▼

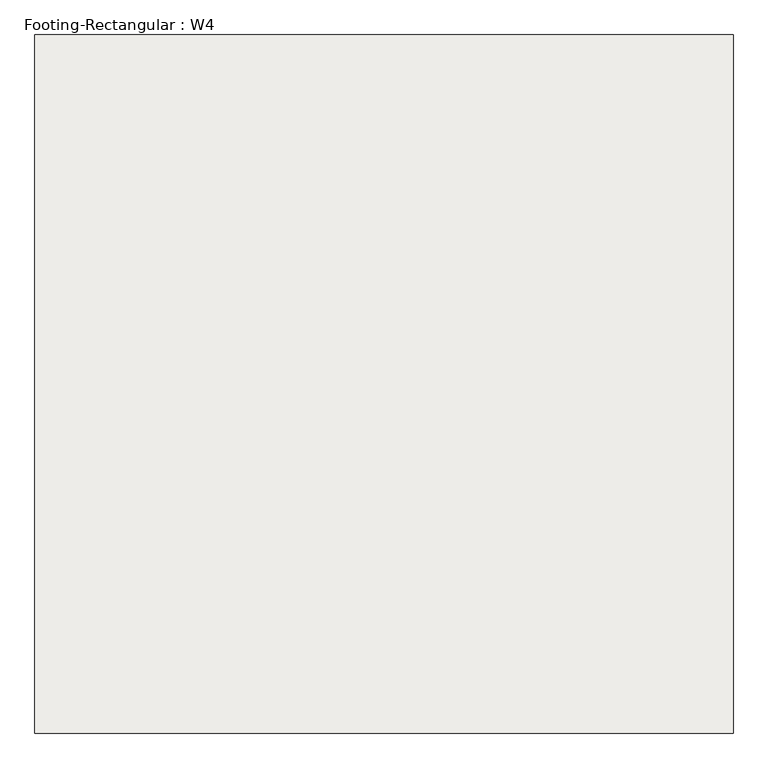
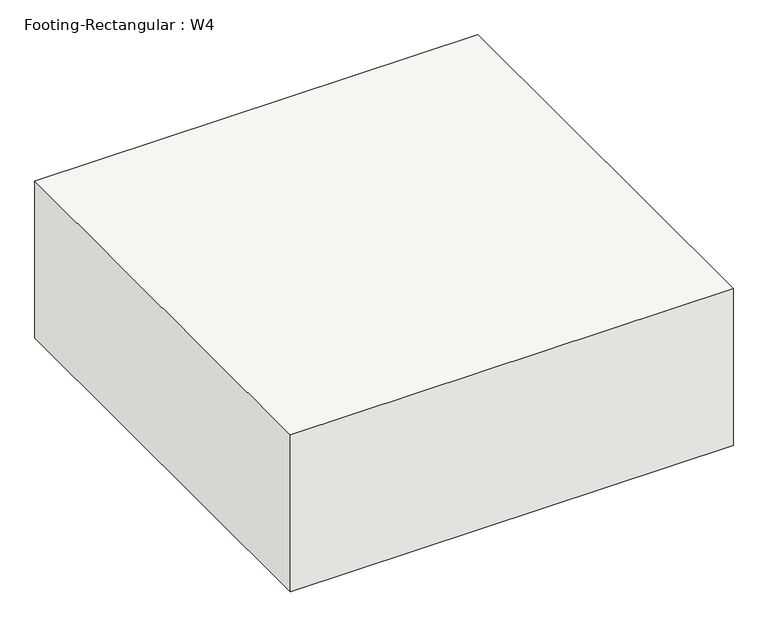
"""IFC4 building model written with IfcOpenShell, lengths in millimetres: slab geometry, Footing-Rectangular : W4."""

from ifc_helpers import new_model, si_unit, frame, origin, place, context, project, spatial, polyline, outline, extrude, source, transform, mapped, element, save


def footing_rectangular_w4_ae0d545e(model_context):
    return source(origin(), model_context, "Body", "SweptSolid", [
        extrude(outline(polyline([(609.6, 609.6), (609.6, -609.6), (-609.6, -609.6), (-609.6, 609.6), (609.6, 609.6)])), frame((0.0, 0.0, -457.2), z_axis=(0.0, 0.0, 1.0), x_axis=(1.0, 0.0, 0.0)), (0.0, 0.0, 1.0), 457.2),
    ])


if __name__ == "__main__":
    model = new_model("IFC4")
    model_context = context("Model", 3, world=origin())
    ifc_project = project(units=[si_unit("LENGTHUNIT", "METRE", prefix="MILLI")], contexts=[model_context])
    site = spatial("IfcSite", under=ifc_project)
    building = spatial("IfcBuilding", under=site)
    placement = place(None, origin())
    footing_rectangular_w4_shape = footing_rectangular_w4_ae0d545e(model_context)
    element("IfcSlab", 1, ObjectType="Footing-Rectangular : W4", at=placement, inside=building, context=model_context, shape_type="MappedRepresentation", body=[
        mapped(footing_rectangular_w4_shape, transform((0.0, 0.0, 0.0), x_axis=(1.0, 0.0, 0.0), y_axis=(0.0, 1.0, 0.0), z_axis=(0.0, 0.0, 1.0))),
    ])
    save(model, "model.ifc")

# Revit data of these elements
# Type "Footing-Rectangular : W4"
#   Assembly Code = "A1010100"
#   Width = 4' - 0"
#   Length = 4' - 0"
#   Foundation Thickness = 1' - 6"
#   Structural Material [instance default] = Concrete, Cast-in-Place gray
# Element 1 (IfcSlab, "Footing-Rectangular : W4")
#   Materials on its faces: "Concrete, Cast-in-Place gray"
# Materials
#   "Concrete, Cast-in-Place gray": class "Concrete", colour RGB 192 192 192, transparency 0, Description = "Cast-in-place concrete", Cost = 0

▲

TASK
A single number is requested: the count of lines in the data that hold "transform".

OUTPUT FOR THIS TASK
2